TASK BRIEF: In the data below, find each line carrying the string "color" and copy it out.
-- Opening Marker --
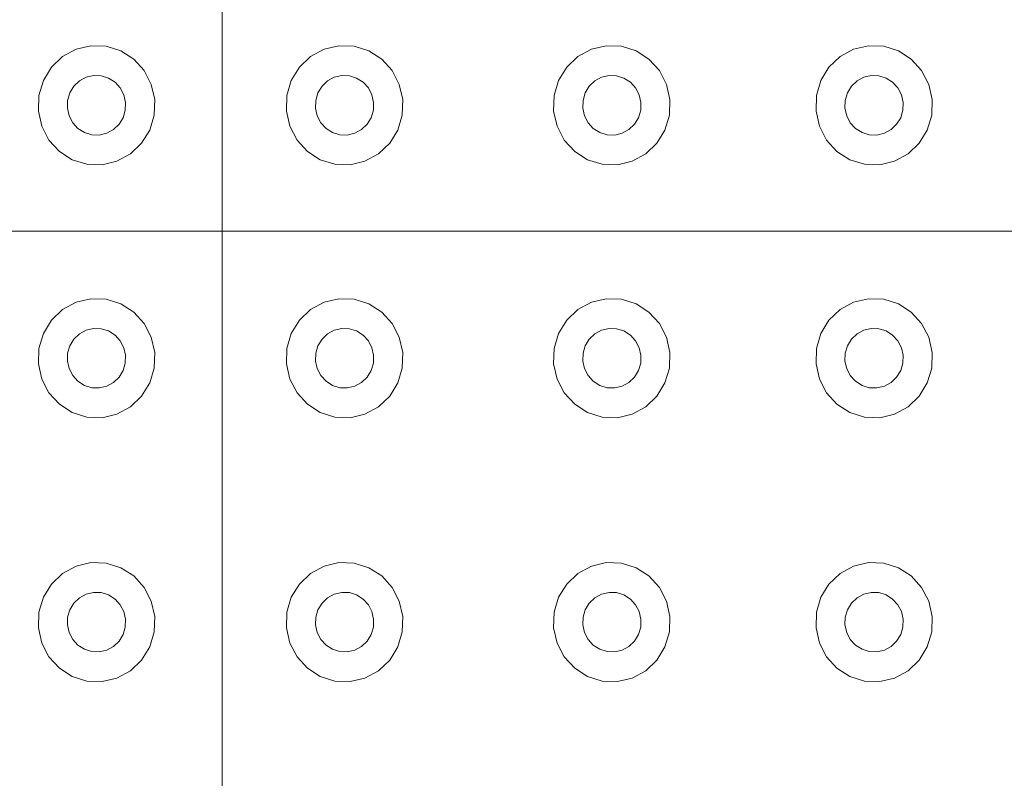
# Model space of a CAD drawing. Extents: x 5066 to 9756, y -2696 to -1109.
# Tile 161 of 248: x 9405.73 to 9406.107, y -2583.247 to -2582.956. Entities that reach past the tile are written whole.
import ezdxf

# ---------------------------------------------------------------- set-up
doc = ezdxf.new("R2010")
doc.units = 0
doc.header["$MEASUREMENT"] = 0
doc.layers.add('IFC-Elemento construtivo genérico-Contorno', color=253, linetype='CONTINUOUS', lineweight=5)

msp = doc.modelspace()

# ---------------------------------------------------------------- linework, layer by layer
at = {"layer": 'IFC-Elemento construtivo genérico-Contorno', "color": 8, "lineweight": 5}
for p, q in [((9405.80741, -2583.03726), (9405.80741, -2582.53725)), ((9405.74636, -2582.97037), (9405.75152, -2582.96757)), ((9405.75152, -2582.96757), (9405.75722, -2582.96622)), ((9405.75722, -2582.96622), (9405.76304, -2582.96642)), ((9405.76304, -2582.96642), (9405.76863, -2582.96817)), ((9405.76863, -2582.96817), (9405.77359, -2582.97133)), ((9405.84132, -2582.97037), (9405.84648, -2582.96757)), ((9405.84648, -2582.96757), (9405.85218, -2582.96622)), ((9405.85218, -2582.96622), (9405.858, -2582.96642)), ((9405.858, -2582.96642), (9405.86359, -2582.96817)), ((9405.86359, -2582.96817), (9405.86855, -2582.97133)), ((9405.94366, -2582.97037), (9405.94882, -2582.96757)), ((9405.94882, -2582.96757), (9405.95448, -2582.96622)), ((9405.95448, -2582.96622), (9405.96034, -2582.96642)), ((9405.96034, -2582.96642), (9405.96589, -2582.96817)), ((9405.96589, -2582.96817), (9405.97085, -2582.97133)), ((9406.04405, -2582.97037), (9406.04921, -2582.96757)), ((9406.04921, -2582.96757), (9406.05488, -2582.96622)), ((9406.05488, -2582.96622), (9406.06073, -2582.96642)), ((9406.06073, -2582.96642), (9406.06632, -2582.96817)), ((9406.06632, -2582.96817), (9406.07124, -2582.97133)), ((9405.7421, -2582.97445), (9405.74636, -2582.97037)), ((9405.77359, -2582.97133), (9405.77757, -2582.97571)), ((9405.83706, -2582.97445), (9405.84132, -2582.97037)), ((9405.86855, -2582.97133), (9405.87253, -2582.97571)), ((9405.93937, -2582.97445), (9405.94366, -2582.97037)), ((9405.97085, -2582.97133), (9405.97484, -2582.97571)), ((9406.03976, -2582.97445), (9406.04405, -2582.97037)), ((9406.07124, -2582.97133), (9406.07523, -2582.97571)), ((9405.73902, -2582.97952), (9405.7421, -2582.97445)), ((9405.77757, -2582.97571), (9405.7803, -2582.98098)), ((9405.83394, -2582.97952), (9405.83706, -2582.97445)), ((9405.87253, -2582.97571), (9405.87527, -2582.98098)), ((9405.93628, -2582.97952), (9405.93937, -2582.97445)), ((9405.97484, -2582.97571), (9405.97757, -2582.98098)), ((9406.03667, -2582.97952), (9406.03976, -2582.97445)), ((9406.07523, -2582.97571), (9406.078, -2582.98098)), ((9405.7373, -2582.98524), (9405.73902, -2582.97952)), ((9405.75073, -2582.98173), (9405.75284, -2582.97969)), ((9405.75284, -2582.97969), (9405.75542, -2582.97828)), ((9405.75542, -2582.97828), (9405.75827, -2582.97761)), ((9405.75827, -2582.97761), (9405.7612, -2582.97772)), ((9405.7612, -2582.97772), (9405.76398, -2582.97859)), ((9405.76398, -2582.97859), (9405.76648, -2582.98017)), ((9405.83226, -2582.98524), (9405.83394, -2582.97952)), ((9405.8457, -2582.98173), (9405.8478, -2582.97969)), ((9405.8478, -2582.97969), (9405.85038, -2582.97828)), ((9405.85038, -2582.97828), (9405.85323, -2582.97761)), ((9405.85323, -2582.97761), (9405.85616, -2582.97772)), ((9405.85616, -2582.97772), (9405.85894, -2582.97859)), ((9405.85894, -2582.97859), (9405.86144, -2582.98017)), ((9405.93456, -2582.98524), (9405.93628, -2582.97952)), ((9405.948, -2582.98173), (9405.95015, -2582.97969)), ((9405.95015, -2582.97969), (9405.95273, -2582.97828)), ((9405.95273, -2582.97828), (9405.95558, -2582.97761)), ((9405.95558, -2582.97761), (9405.95847, -2582.97772)), ((9405.95847, -2582.97772), (9405.96128, -2582.97859)), ((9405.96128, -2582.97859), (9405.96374, -2582.98017)), ((9406.03499, -2582.98524), (9406.03667, -2582.97952)), ((9406.04839, -2582.98173), (9406.05054, -2582.97969)), ((9406.05054, -2582.97969), (9406.05312, -2582.97828)), ((9406.05312, -2582.97828), (9406.05597, -2582.97761)), ((9406.05597, -2582.97761), (9406.0589, -2582.97772)), ((9406.0589, -2582.97772), (9406.06167, -2582.97859)), ((9406.06167, -2582.97859), (9406.06413, -2582.98017)), ((9405.74917, -2582.98426), (9405.75073, -2582.98173)), ((9405.76648, -2582.98017), (9405.76847, -2582.98236)), ((9405.76847, -2582.98236), (9405.76984, -2582.98499)), ((9405.7803, -2582.98098), (9405.78163, -2582.9868)), ((9405.84413, -2582.98426), (9405.8457, -2582.98173)), ((9405.86144, -2582.98017), (9405.86343, -2582.98236)), ((9405.86343, -2582.98236), (9405.8648, -2582.98499)), ((9405.87527, -2582.98098), (9405.87659, -2582.9868)), ((9405.94648, -2582.98426), (9405.948, -2582.98173)), ((9405.96374, -2582.98017), (9405.96573, -2582.98236)), ((9405.96573, -2582.98236), (9405.9671, -2582.98499)), ((9405.97757, -2582.98098), (9405.9789, -2582.9868)), ((9406.04687, -2582.98426), (9406.04839, -2582.98173)), ((9406.06413, -2582.98017), (9406.06613, -2582.98236)), ((9406.06613, -2582.98236), (9406.06753, -2582.98499)), ((9406.078, -2582.98098), (9406.07929, -2582.9868)), ((9405.7371, -2582.99121), (9405.7373, -2582.98524)), ((9405.74823, -2582.99011), (9405.74831, -2582.98712)), ((9405.74831, -2582.98712), (9405.74917, -2582.98426)), ((9405.76984, -2582.98499), (9405.7705, -2582.9879)), ((9405.7814, -2582.99278), (9405.78163, -2582.9868)), ((9405.83206, -2582.99121), (9405.83226, -2582.98524)), ((9405.8432, -2582.99011), (9405.84327, -2582.98712)), ((9405.84327, -2582.98712), (9405.84413, -2582.98426)), ((9405.8648, -2582.98499), (9405.86546, -2582.9879)), ((9405.87636, -2582.99278), (9405.87659, -2582.9868)), ((9405.93437, -2582.99121), (9405.93456, -2582.98524)), ((9405.9455, -2582.99011), (9405.94562, -2582.98712)), ((9405.94562, -2582.98712), (9405.94648, -2582.98426)), ((9405.9671, -2582.98499), (9405.96777, -2582.9879)), ((9405.9787, -2582.99278), (9405.9789, -2582.9868)), ((9406.0348, -2582.99121), (9406.03499, -2582.98524)), ((9406.04589, -2582.99011), (9406.04601, -2582.98712)), ((9406.04601, -2582.98712), (9406.04687, -2582.98426)), ((9406.06753, -2582.98499), (9406.06816, -2582.9879)), ((9406.07909, -2582.99278), (9406.07929, -2582.9868)), ((9405.7371, -2582.99121), (9405.73839, -2582.99703)), ((9405.74823, -2582.99011), (9405.7489, -2582.99302)), ((9405.76952, -2582.99375), (9405.77038, -2582.99089)), ((9405.77038, -2582.99089), (9405.7705, -2582.9879)), ((9405.83206, -2582.99121), (9405.83335, -2582.99703)), ((9405.8432, -2582.99011), (9405.84382, -2582.99302)), ((9405.86448, -2582.99375), (9405.86534, -2582.99089)), ((9405.86534, -2582.99089), (9405.86546, -2582.9879)), ((9405.93437, -2582.99121), (9405.9357, -2582.99703)), ((9405.9455, -2582.99011), (9405.94616, -2582.99302)), ((9405.96683, -2582.99375), (9405.96769, -2582.99089)), ((9405.96769, -2582.99089), (9405.96777, -2582.9879)), ((9406.0348, -2582.99121), (9406.03609, -2582.99703)), ((9406.04589, -2582.99011), (9406.04655, -2582.99302)), ((9406.06722, -2582.99375), (9406.06808, -2582.99089)), ((9406.06808, -2582.99089), (9406.06816, -2582.9879)), ((9405.7489, -2582.99302), (9405.75027, -2582.99566)), ((9405.768, -2582.99629), (9405.76952, -2582.99375)), ((9405.77972, -2582.99849), (9405.7814, -2582.99278)), ((9405.84382, -2582.99302), (9405.84523, -2582.99566)), ((9405.86296, -2582.99629), (9405.86448, -2582.99375)), ((9405.87468, -2582.99849), (9405.87636, -2582.99278)), ((9405.94616, -2582.99302), (9405.94753, -2582.99566)), ((9405.96527, -2582.99629), (9405.96683, -2582.99375)), ((9405.97698, -2582.99849), (9405.9787, -2582.99278)), ((9406.04655, -2582.99302), (9406.04792, -2582.99566)), ((9406.06566, -2582.99629), (9406.06722, -2582.99375)), ((9406.07741, -2582.99849), (9406.07909, -2582.99278)), ((9405.73839, -2582.99703), (9405.74116, -2583.00231)), ((9405.75027, -2582.99566), (9405.75226, -2582.99784)), ((9405.75226, -2582.99784), (9405.75472, -2582.99943)), ((9405.76327, -2582.99973), (9405.76585, -2582.99832)), ((9405.76585, -2582.99832), (9405.768, -2582.99629)), ((9405.77663, -2583.00356), (9405.77972, -2582.99849)), ((9405.83335, -2582.99703), (9405.83613, -2583.00231)), ((9405.84523, -2582.99566), (9405.84722, -2582.99784)), ((9405.84722, -2582.99784), (9405.84968, -2582.99943)), ((9405.85823, -2582.99973), (9405.86081, -2582.99832)), ((9405.86081, -2582.99832), (9405.86296, -2582.99629)), ((9405.87159, -2583.00356), (9405.87468, -2582.99849)), ((9405.9357, -2582.99703), (9405.93843, -2583.00231)), ((9405.94753, -2582.99566), (9405.94952, -2582.99784)), ((9405.94952, -2582.99784), (9405.95202, -2582.99943)), ((9405.96058, -2582.99973), (9405.96316, -2582.99832)), ((9405.96316, -2582.99832), (9405.96527, -2582.99629)), ((9405.9739, -2583.00356), (9405.97698, -2582.99849)), ((9406.03609, -2582.99703), (9406.03882, -2583.00231)), ((9406.04792, -2582.99566), (9406.04991, -2582.99784)), ((9406.04991, -2582.99784), (9406.05241, -2582.99943)), ((9406.06097, -2582.99973), (9406.06355, -2582.99832)), ((9406.06355, -2582.99832), (9406.06566, -2582.99629)), ((9406.07429, -2583.00356), (9406.07741, -2582.99849)), ((9405.74116, -2583.00231), (9405.74515, -2583.00668)), ((9405.75472, -2582.99943), (9405.75753, -2583.0003)), ((9405.75753, -2583.0003), (9405.76042, -2583.0004)), ((9405.76042, -2583.0004), (9405.76327, -2582.99973)), ((9405.83613, -2583.00231), (9405.84011, -2583.00668)), ((9405.84968, -2582.99943), (9405.85245, -2583.0003)), ((9405.85245, -2583.0003), (9405.85538, -2583.0004)), ((9405.85538, -2583.0004), (9405.85823, -2582.99973)), ((9405.93843, -2583.00231), (9405.94241, -2583.00668)), ((9405.95202, -2582.99943), (9405.9548, -2583.0003)), ((9405.9548, -2583.0003), (9405.95773, -2583.0004)), ((9405.95773, -2583.0004), (9405.96058, -2582.99973)), ((9406.03882, -2583.00231), (9406.0428, -2583.00668)), ((9406.05241, -2582.99943), (9406.05519, -2583.0003)), ((9406.05519, -2583.0003), (9406.05812, -2583.0004)), ((9406.05812, -2583.0004), (9406.06097, -2582.99973)), ((9405.77234, -2583.00764), (9405.77663, -2583.00356)), ((9405.8673, -2583.00764), (9405.87159, -2583.00356)), ((9405.96964, -2583.00764), (9405.9739, -2583.00356)), ((9406.07003, -2583.00764), (9406.07429, -2583.00356)), ((9405.74515, -2583.00668), (9405.75007, -2583.00985)), ((9405.75007, -2583.00985), (9405.75566, -2583.01159)), ((9405.76718, -2583.01045), (9405.77234, -2583.00764)), ((9405.84015, -2583.00671), (9405.84503, -2583.00985)), ((9405.84503, -2583.00985), (9405.85062, -2583.01159)), ((9405.86214, -2583.01045), (9405.8673, -2583.00764)), ((9405.94241, -2583.00668), (9405.94738, -2583.00985)), ((9405.94738, -2583.00985), (9405.95296, -2583.01159)), ((9405.96448, -2583.01045), (9405.96964, -2583.00764)), ((9406.0428, -2583.00668), (9406.04777, -2583.00985)), ((9406.04777, -2583.00985), (9406.05335, -2583.01159)), ((9406.06488, -2583.01045), (9406.07003, -2583.00764)), ((9405.75566, -2583.01159), (9405.76152, -2583.01179)), ((9405.76152, -2583.01179), (9405.76718, -2583.01045)), ((9405.85062, -2583.01159), (9405.85648, -2583.01179)), ((9405.85648, -2583.01179), (9405.86214, -2583.01045)), ((9405.95296, -2583.01159), (9405.95878, -2583.01179)), ((9405.95878, -2583.01179), (9405.96448, -2583.01045)), ((9406.05335, -2583.01159), (9406.05921, -2583.01179)), ((9406.05921, -2583.01179), (9406.06488, -2583.01045)), ((9405.55667, -2583.03726), (9405.80741, -2583.03726)), ((9405.80741, -2583.03726), (9406.30741, -2583.03726)), ((9405.80741, -2583.53726), (9405.80741, -2583.03726)), ((9405.74636, -2583.06721), (9405.75152, -2583.0644)), ((9405.75152, -2583.0644), (9405.75722, -2583.06306)), ((9405.75722, -2583.06306), (9405.76304, -2583.06326)), ((9405.76304, -2583.06326), (9405.76863, -2583.06501)), ((9405.76863, -2583.06501), (9405.77359, -2583.06818)), ((9405.84132, -2583.06721), (9405.84648, -2583.0644)), ((9405.84648, -2583.0644), (9405.85218, -2583.06306)), ((9405.85218, -2583.06306), (9405.858, -2583.06326)), ((9405.858, -2583.06326), (9405.86359, -2583.06501)), ((9405.86359, -2583.06501), (9405.86855, -2583.06818)), ((9405.94366, -2583.06721), (9405.94882, -2583.0644)), ((9405.94882, -2583.0644), (9405.95448, -2583.06306)), ((9405.95448, -2583.06306), (9405.96034, -2583.06326)), ((9405.96034, -2583.06326), (9405.96589, -2583.06501)), ((9405.96589, -2583.06501), (9405.97085, -2583.06818)), ((9406.04405, -2583.06721), (9406.04921, -2583.0644)), ((9406.04921, -2583.0644), (9406.05488, -2583.06306)), ((9406.05488, -2583.06306), (9406.06073, -2583.06326)), ((9406.06073, -2583.06326), (9406.06632, -2583.06501)), ((9406.06632, -2583.06501), (9406.07124, -2583.06818)), ((9405.7421, -2583.07129), (9405.74636, -2583.06721)), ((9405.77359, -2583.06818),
-- Closing Marker --
THE COMPLETED TASK:
doc.layers.add('IFC-Elemento construtivo genérico-Contorno', color=253, linetype='CONTINUOUS', lineweight=5)
at = {"layer": 'IFC-Elemento construtivo genérico-Contorno', "color": 8, "lineweight": 5}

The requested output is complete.